_WHAT YOU NEED TO DO_
Exact copies of the lines from the start of the records through the line with "circle w3.94: c0,-155 r10" are what the answer must hold; pictures are not part of it.

_Items from a data source_

========================================

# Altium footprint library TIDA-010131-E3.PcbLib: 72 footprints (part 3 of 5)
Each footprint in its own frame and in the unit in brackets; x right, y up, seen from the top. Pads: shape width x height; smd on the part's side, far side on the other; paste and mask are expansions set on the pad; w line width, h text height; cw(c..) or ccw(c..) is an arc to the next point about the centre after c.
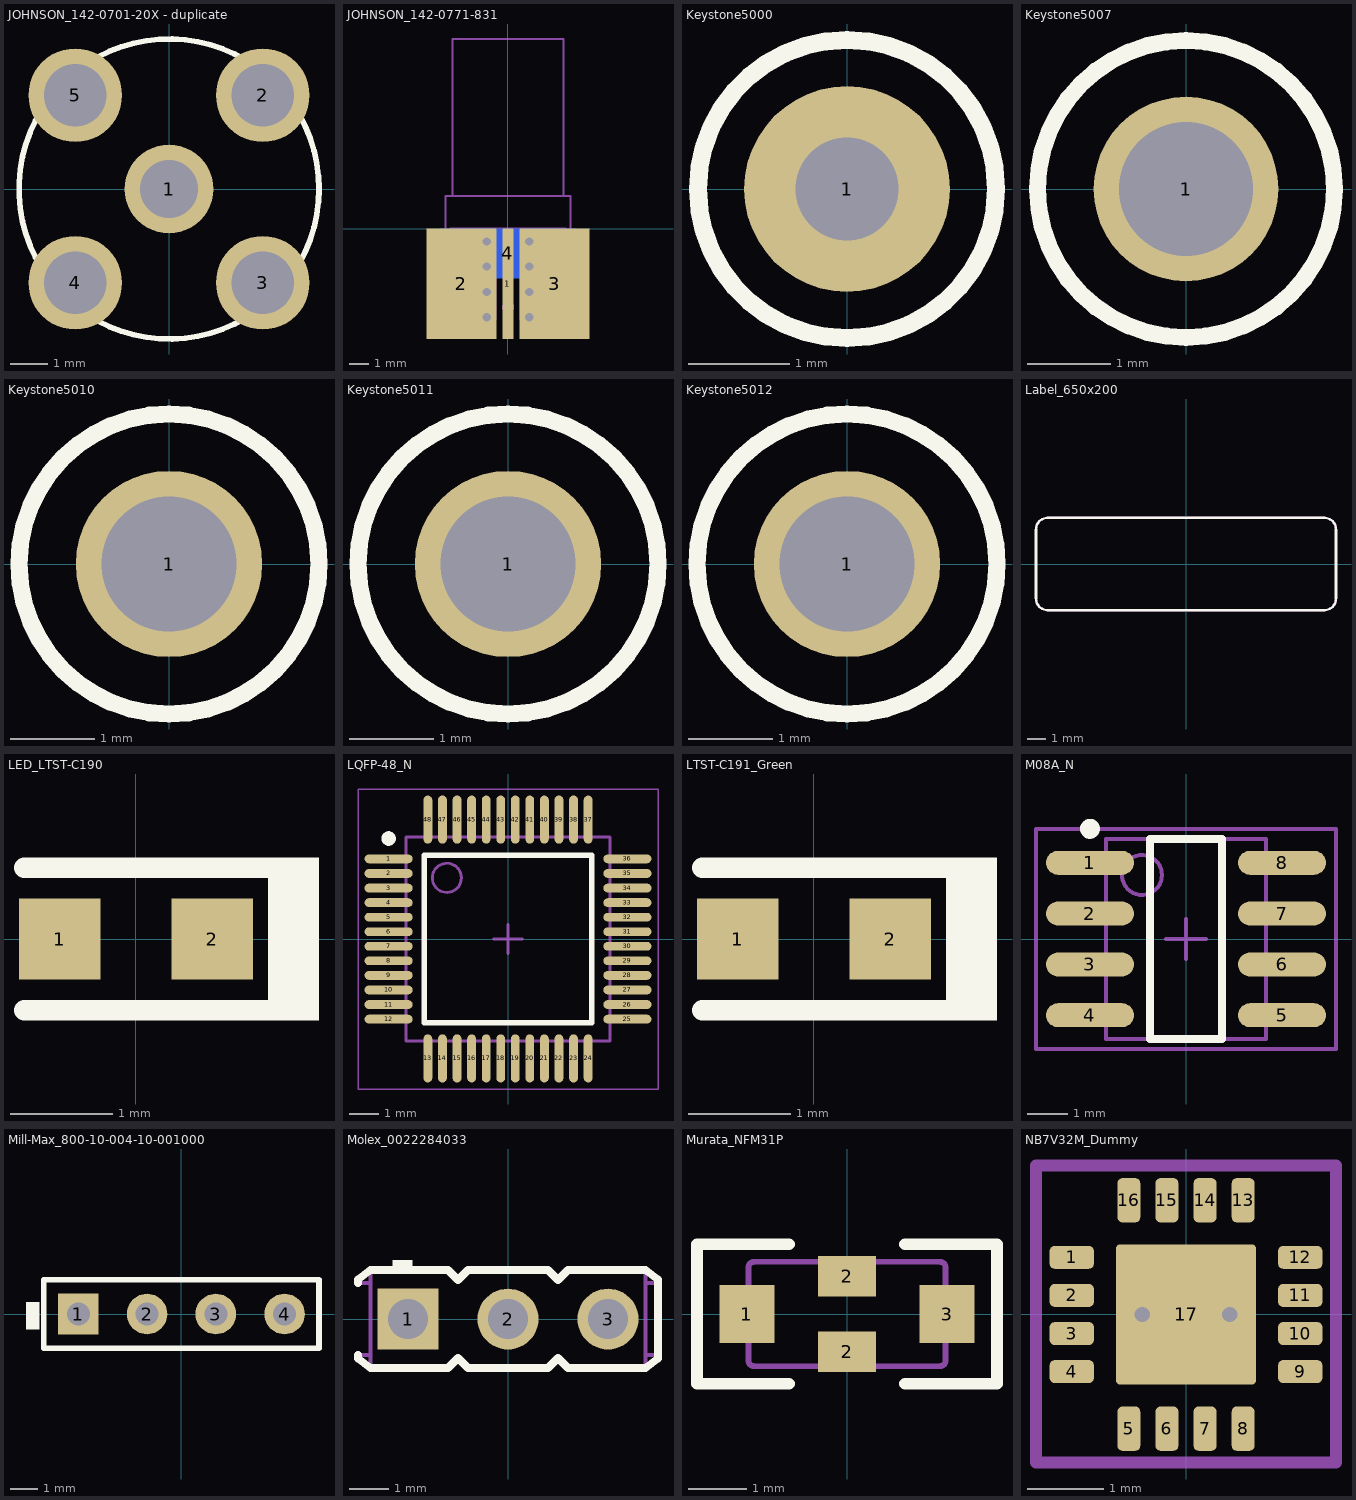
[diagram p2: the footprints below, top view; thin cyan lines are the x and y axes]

## JOHNSON_142-0701-20X - duplicate [mil]
pads (5):
  round 95 hole 62: 1(0,0)
  round 100 hole 67: 2(100,100) 3(100,-100) 4(-100,-100) 5(-100,100)
Top Overlay:
  circle w6: c0,0 r160
Mechanical 5:
  circle w5: c0,0 r160
  text ".Designator" at 36.58,6.45 h25
3D body "Emerson_142-0701-201.stp": height 375, standoff -155, extent -155.99,-155.8 156.01,155.8

## JOHNSON_142-0771-831 [mil] "JACK, SMA, 50 Ohm, Gold, Edge Mount"
height 123.5
pads (12):
  rect 22x218 smd: 1(0,-109)
  rect 138.25x218 smd: 2(-92.12,-109) 3(92.13,-109)
  rect 270x97.5 smd far side: 4(0,-48.75)
  round 16 hole 16: ""(-42,-175) ""(-42,-125) ""(-42,-75) ""(-42,-25) ""(42,-175) ""(42,-125) ""(42,-75) ""(42,-25)
Mechanical 5:
  circle w3.94: c0,-155 r10
  lines w3.94: -110,65 -110,375 110,375 110,65 ; -79.36,0 -79.36,-179 ; -25,-65 25,-65 ; -25,-60 25,-60 ; -25,0 -25,-179 -79.36,-179 ; -7.5,0 -7.5,-22.5 ccw(c0,-22.5) 7.5,-22.5 7.5,0 ; 25,0 25,-179 79.36,-179 ; 79.36,0 79.36,-179 ; -114.35,-179 -79.36,-179 ; -114.35,-179 -114.35,0 114.34,0 114.34,-179 ; -114.35,-179 -123.5,-179 -123.5,65 123.5,65 123.5,-179 114.34,-179 ; 79.36,-179 114.34,-179
  text ".Designator" at -175,-210 h25
3D body "142-0771-831.stp": height 130.9, standoff -116, extent -123.5,-179 123.47,375

## Keystone5000 [mil] "For Keystone 500x miniature loop terminals"
height 181.1
pads (1):
  round 80 hole 40: 1(0,0)
Top Overlay:
  circle w7: c0,0 r58
Mechanical 5:
  circle w5: c0,0 r58.31
  text ".Designator" at -14,47.2 h25
3D body "Keystone_5000.stp": height 181.97, standoff -118.11, extent -49,-49 49.04,49.24

## Keystone5007 [mil] "Keystone Compact loops"
height 220
pads (1):
  round 87 hole 63: 1(0,0)
Top Overlay:
  circle w7.99: c0,0 r70
Mechanical 5:
  circle w5: c0,0 r70.71
  text ".Designator" at -55,-15 h25
3D body "Keystone_5007.stp": height 225.2, standoff -129.92, extent -63,-63 62.49,62.74

## Keystone5010 [mil] "Keystone Multipurpose loops"
height 320
pads (1):
  round 87 hole 63: 1(0,0)
Top Overlay:
  circle w7.99: c0,0 r70
Mechanical 5:
  circle w5: c0,0 r69.46
  text ".Designator" at 28.5,14.4 h25
3D body "Keystone_5010.stp": height 318.9, standoff -125.98, extent -63,-63 62.74,62.49

## Keystone5011 [mil] "Keystone Multipurpose loops"
height 320
pads (1):
  round 87 hole 63: 1(0,0)
Top Overlay:
  circle w7.99: c0,0 r70
Mechanical 5:
  circle w5: c0,0 r69.46
  text ".Designator" at 9.51,-35.02 h25
3D body "Keystone_5011.stp": height 318.9, standoff -125.98, extent -63,-63 62.74,62.49

## Keystone5012 [mil] "Keystone Multipurpose loops"
height 320
pads (1):
  round 87 hole 63: 1(0,0)
Top Overlay:
  circle w7.99: c0,0 r70
Mechanical 5:
  circle w5: c0,0 r69.46
  text ".Designator" at 37.32,14.4 h25
3D body "Keystone_5012.stp": height 318.9, standoff -125.98, extent -63,-63 62.74,62.49

## Label_650x200 [mil] "Thermal Transfer Label"
height 1
pads (1):
  round 1 on Mech13: 0(0,0)
Top Overlay:
  lines w5: -325,-75 ccw(c-300,-75) -300,-100 ; -325,75 cw(c-300,75) -300,100 ; 300,-100 ccw(c300,-75) 325,-75 ; 300,100 cw(c300,75) 325,75
  lines w6: -325,-75 -325,75 ; -300,-100 300,-100 ; -300,100 300,100 ; 325,-75 325,75
Mechanical 5:
  lines w5: -325,-75 ccw(c-300,-75) -300,-100 300,-100 ccw(c300,-75) 325,-75 325,75 ccw(c300,75) 300,100 -300,100 ccw(c-300,75) -325,75 -325,-75
  text ".Designator" at -60,-20 h25
3D body: height 1, standoff 0, extent -325.02,-100.02 325.02,100.02

## LED_LTST-C190 [mm] "Lite-On"
height 0.9
pads (2):
  rect 0.8x0.8 smd: 1(-0.75,0) 2(0.75,0)
Top Overlay:
  region: 1.8,0.8 1.3,0.8 1.3,-0.8 1.8,-0.8
  lines w0.2: -1.1,-0.7 1.4,-0.7 ; -1.1,0.7 1.4,0.7
Mechanical 5:
  region: 1.8,0.75 1.3,0.75 1.3,-0.75 1.8,-0.75
  lines w0.1: -1.1,-0.7 1.4,-0.7 ; -1.1,0.7 1.4,0.7
  text ".Designator" at 0.292,-0.384 h0.51
3D body "Lite-On_LTST_C190.stp": height 0.9, standoff 0, extent -0.85,-0.45 0.85,0.45

## LQFP-48_N [mm] "QFP, 48-Leads, Body 7x7mm, Pitch 0.5mm, IPC Medium Density"
height 1.6
pads (48):
  oval 1.65x0.3 smd: 1(-4.1,2.75) 2(-4.1,2.25) 3(-4.1,1.75) 4(-4.1,1.25) 5(-4.1,0.75) 6(-4.1,0.25) 7(-4.1,-0.25) 8(-4.1,-0.75) 9(-4.1,-1.25) 10(-4.1,-1.75) 11(-4.1,-2.25) 12(-4.1,-2.75) 25(4.1,-2.75) 26(4.1,-2.25) 27(4.1,-1.75) 28(4.1,-1.25) 29(4.1,-0.75) 30(4.1,-0.25) 31(4.1,0.25) 32(4.1,0.75) 33(4.1,1.25) 34(4.1,1.75) 35(4.1,2.25) 36(4.1,2.75)
  oval 0.3x1.65 smd: 13(-2.75,-4.1) 14(-2.25,-4.1) 15(-1.75,-4.1) 16(-1.25,-4.1) 17(-0.75,-4.1) 18(-0.25,-4.1) 19(0.25,-4.1) 20(0.75,-4.1) 21(1.25,-4.1) 22(1.75,-4.1) 23(2.25,-4.1) 24(2.75,-4.1) 37(2.75,4.1) 38(2.25,4.1) 39(1.75,4.1) 40(1.25,4.1) 41(0.75,4.1) 42(0.25,4.1) 43(-0.25,4.1) 44(-0.75,4.1) 45(-1.25,4.1) 46(-1.75,4.1) 47(-2.25,4.1) 48(-2.75,4.1)
Top Overlay:
  circle w0.25: c-4.1,3.45 r0.125
  lines w0.2: -2.875,-2.875 2.875,-2.875 2.875,2.875 -2.875,2.875 -2.875,-2.875
Mechanical 5:
  circle w0.1: c-2.1,2.1 r0.5
  lines w0.1: -3.5,-3.5 -3.5,3.5 3.5,3.5 3.5,-3.5 -3.5,-3.5
Mechanical 15:
  lines w0.05: -5.15,-5.15 5.15,-5.15 5.15,5.15 -5.15,5.15 -5.15,-5.15
  lines w0.1: -0.5,0 0.5,0 ; 0,-0.5 0,0.5
3D body: height 1.61, standoff 0, extent -2.599,1.601 -1.6,2.6
3D body: height 1.6, standoff 0.05, extent -3.5,-3.5 3.5,3.5

## LTST-C191_Green [mm] "Lite-On"
height 0.65
pads (2):
  rect 0.8x0.8 smd: 1(-0.75,0) 2(0.75,0)
Top Overlay:
  region: 1.8,0.8 1.3,0.8 1.3,-0.8 1.8,-0.8
  lines w0.2: -1.1,-0.7 1.4,-0.7 ; -1.1,0.7 1.4,0.7
Mechanical 5:
  region: 1.8,0.75 1.3,0.75 1.3,-0.75 1.8,-0.75
  lines w0.1: -1.1,-0.7 1.4,-0.7 ; -1.1,0.7 1.4,0.7
  text ".Designator" at 0.629,0.247 h0.64
3D body: height 0.2, standoff 0, extent -0.849,-0.449 0.849,0.449
3D body: height 0.65, standoff 0.2, extent -0.624,-0.449 0.624,0.449

## M08A_N [mm] "SOIC, 8-Leads, Body 4.9x3.9mm, Pitch 1.27mm, IPC Medium Density"
height 1.75
pads (8):
  oval 2.2x0.6 smd: 1(-2.4,1.905) 2(-2.4,0.635) 3(-2.4,-0.635) 4(-2.4,-1.905) 5(2.4,-1.905) 6(2.4,-0.635) 7(2.4,0.635) 8(2.4,1.905)
Top Overlay:
  circle w0.25: c-2.4,2.755 r0.125
  lines w0.2: -0.9,-2.5 0.9,-2.5 0.9,2.5 -0.9,2.5 -0.9,-2.5
Mechanical 5:
  text ".Designator" at -0.928,2.867 h0.64
Mechanical 13:
  circle w0.1: c-1.1,1.6 r0.5
  lines w0.1: -2,-2.5 2,-2.5 2,2.5 -2,2.5 -2,-2.5
Mechanical 15:
  lines w0.1: -0.5,0 0.5,0 ; 0,-0.5 0,0.5 ; -3.75,-2.75 3.75,-2.75 3.75,2.75 -3.75,2.75 -3.75,-2.75
3D body: height 1.75, standoff 0, extent -2,-2.5 2,2.5

## Mill-Max_800-10-004-10-001000 [mm] "Mill-Max"
height 8.128
pads (4):
  rect 1.5x1.5 hole 0.85: 1(-3.81,0)
  round 1.5 hole 0.85: 2(-1.27,0) 3(1.27,0) 4(3.81,0)
Top Overlay:
  region: -5.238,-0.571 -5.238,0.445 -5.746,0.445 -5.746,-0.571
  lines w0.203: -5.08,-1.27 -5.08,1.27 5.08,1.27 5.08,-1.27 -5.08,-1.27
Mechanical 5:
  lines w0.102: -5.08,-1.27 5.08,-1.27 5.08,1.27 -5.08,1.27 -5.08,-1.27
  text ".Designator" at 0.359,-0.838 h0.64
3D body: height 0.81, standoff -3, extent -4.112,-0.304 -3.505,0.304
3D body: height 0.81, standoff -3, extent -1.572,-0.304 -0.965,0.304
3D body: height 0.81, standoff -3, extent 0.968,-0.304 1.575,0.304
3D body: height 0.81, standoff -3, extent 3.508,-0.304 4.115,0.304
3D body: height 8.13, standoff 0, extent -4.188,-0.38 -3.429,0.38
3D body: height 8.13, standoff 0, extent -1.648,-0.38 -0.889,0.38
3D body: height 8.13, standoff 0, extent 0.892,-0.38 1.651,0.38
3D body: height 8.13, standoff 0, extent 3.432,-0.38 4.191,0.38
3D body: height 3.17, standoff 0, extent -5.079,-1.269 5.079,1.269

## Molex_0022284033 [mm] "Header, 2.54mm, 3x1, TH"
height 8.88
pads (3):
  rect 1.55x1.55 hole 1.02: 1(-2.54,0)
  round 1.55 hole 1.02: 2(0,0) 3(2.54,0)
Top Overlay:
  rectangle: -2.93,1.245 -2.43,1.5
  lines w0.2: -3.81,-0.914 -3.81,-1.003 -3.492,-1.245 -1.524,-1.245 -1.27,-0.991 -1.016,-1.245 1.016,-1.245 1.27,-0.991 1.524,-1.245 3.492,-1.245 3.81,-1.003 3.81,-0.914 3.81,0.914 3.81,1.003 3.492,1.245 1.524,1.245 1.27,0.991 1.016,1.245 -1.016,1.245 -1.27,0.991 -1.524,1.245 -3.492,1.245 -3.81,1.003 -3.81,0.914
Mechanical 5:
  lines w0.1: -3.492,-1.168 -3.492,1.168 ; -3.492,-0.914 -3.81,-0.914 -3.81,-1.003 -3.492,-1.245 -1.524,-1.245 -1.27,-0.991 -1.016,-1.245 1.016,-1.245 1.27,-0.991 1.524,-1.245 3.492,-1.245 3.81,-1.003 3.81,-0.914 ; -3.492,0.914 -3.81,0.914 -3.81,1.003 -3.492,1.245 -1.524,1.245 -1.27,0.991 -1.016,1.245 1.016,1.245 1.27,0.991 1.524,1.245 3.492,1.245 3.81,1.003 3.81,0.914 ; 3.492,-1.168 3.492,1.168 ; 3.492,-0.914 3.81,-0.914 ; 3.492,0.914 3.81,0.914 ; 3.81,-0.914 3.81,0.914
  text ".Designator" at -1.021,-0.458 h0.64
3D body "022284033.stp": height 8.4, standoff -3.16, extent -3.81,-1.244 3.81,1.245

## Murata_NFM31P [mm] "SMD, 3-Leads, Body 3.2x1.6mm"
height 1.5
pads (4):
  rect 0.95x1 smd paste-2 mask-2: 1(-1.725,0) 3(1.725,0)
  rect 1x0.7 smd paste-2 mask+0: 2(0,-0.65) 2(0,0.65)
Top Overlay:
  lines w0.2: -1,-1.2 -2.586,-1.2 -2.586,1.2 -1,1.2 ; 1,-1.2 2.586,-1.2 2.586,1.2 1,1.2
Top Paste:
  rectangle: -0.5,0.3 0.5,1.3
  region: 0.5,-0.3 -0.5,-0.3 -0.5,-1.3 0.5,-1.3
  rectangle: 1.25,-0.6 2.2,0.6
  region: -1.25,0.6 -2.2,0.6 -2.2,-0.6 -1.25,-0.6
Top Solder:
  region: -0.7,1 -2.2,1 -2.2,-1 -0.7,-1
  rectangle: 0.7,-1 2.2,1
Mechanical 5:
  lines w0.1: -1.7,-0.8 ccw(c-1.6,-0.8) -1.6,-0.9 1.6,-0.9 ccw(c1.6,-0.8) 1.7,-0.8 1.7,0.8 ccw(c1.6,0.8) 1.6,0.9 -1.6,0.9 ccw(c-1.6,0.8) -1.7,0.8 -1.7,-0.8
  text ".Designator" at 0.695,0.097 h0.64
3D body "NFM31PC276B0J3L.stp": height 1.5, standoff 0, extent -1.7,-0.9 1.7,0.9

## NB7V32M_Dummy [mm]
pads (17):
  rrect42% 0.58x0.3 smd mask+0.051: 1(-1.499,0.75) 2(-1.499,0.25) 3(-1.499,-0.25) 4(-1.499,-0.75) 9(1.499,-0.75) 10(1.499,-0.25) 11(1.499,0.25) 12(1.499,0.75)
  rrect42% 0.3x0.58 smd mask+0.051: 5(-0.75,-1.499) 6(-0.25,-1.499) 7(0.25,-1.499) 8(0.75,-1.499) 13(0.75,1.499) 14(0.25,1.499) 15(-0.25,1.499) 16(-0.75,1.499)
  rrect6% 1.84x1.84 smd paste-0.825: 17(0,0)
via 0.575,0 diameter 0.5 hole 0.2
via -0.575,0 diameter 0.5 hole 0.2
Mechanical 5:
  lines w0.152: -1.968,-1.943 1.968,-1.943 1.968,1.956 0,1.956 -1.968,1.956 -1.968,-1.943
  text ".Designator" at 0,-0.064 h0.64

========================================

_OUTPUT OF THE TASK_
# Altium footprint library TIDA-010131-E3.PcbLib: 72 footprints (part 3 of 5)
Each footprint in its own frame and in the unit in brackets; x right, y up, seen from the top. Pads: shape width x height; smd on the part's side, far side on the other; paste and mask are expansions set on the pad; w line width, h text height; cw(c..) or ccw(c..) is an arc to the next point about the centre after c.
[diagram p2: the footprints below, top view; thin cyan lines are the x and y axes]

## JOHNSON_142-0701-20X - duplicate [mil]
pads (5):
  round 95 hole 62: 1(0,0)
  round 100 hole 67: 2(100,100) 3(100,-100) 4(-100,-100) 5(-100,100)
Top Overlay:
  circle w6: c0,0 r160
Mechanical 5:
  circle w5: c0,0 r160
  text ".Designator" at 36.58,6.45 h25
3D body "Emerson_142-0701-201.stp": height 375, standoff -155, extent -155.99,-155.8 156.01,155.8

## JOHNSON_142-0771-831 [mil] "JACK, SMA, 50 Ohm, Gold, Edge Mount"
height 123.5
pads (12):
  rect 22x218 smd: 1(0,-109)
  rect 138.25x218 smd: 2(-92.12,-109) 3(92.13,-109)
  rect 270x97.5 smd far side: 4(0,-48.75)
  round 16 hole 16: ""(-42,-175) ""(-42,-125) ""(-42,-75) ""(-42,-25) ""(42,-175) ""(42,-125) ""(42,-75) ""(42,-25)
Mechanical 5:
  circle w3.94: c0,-155 r10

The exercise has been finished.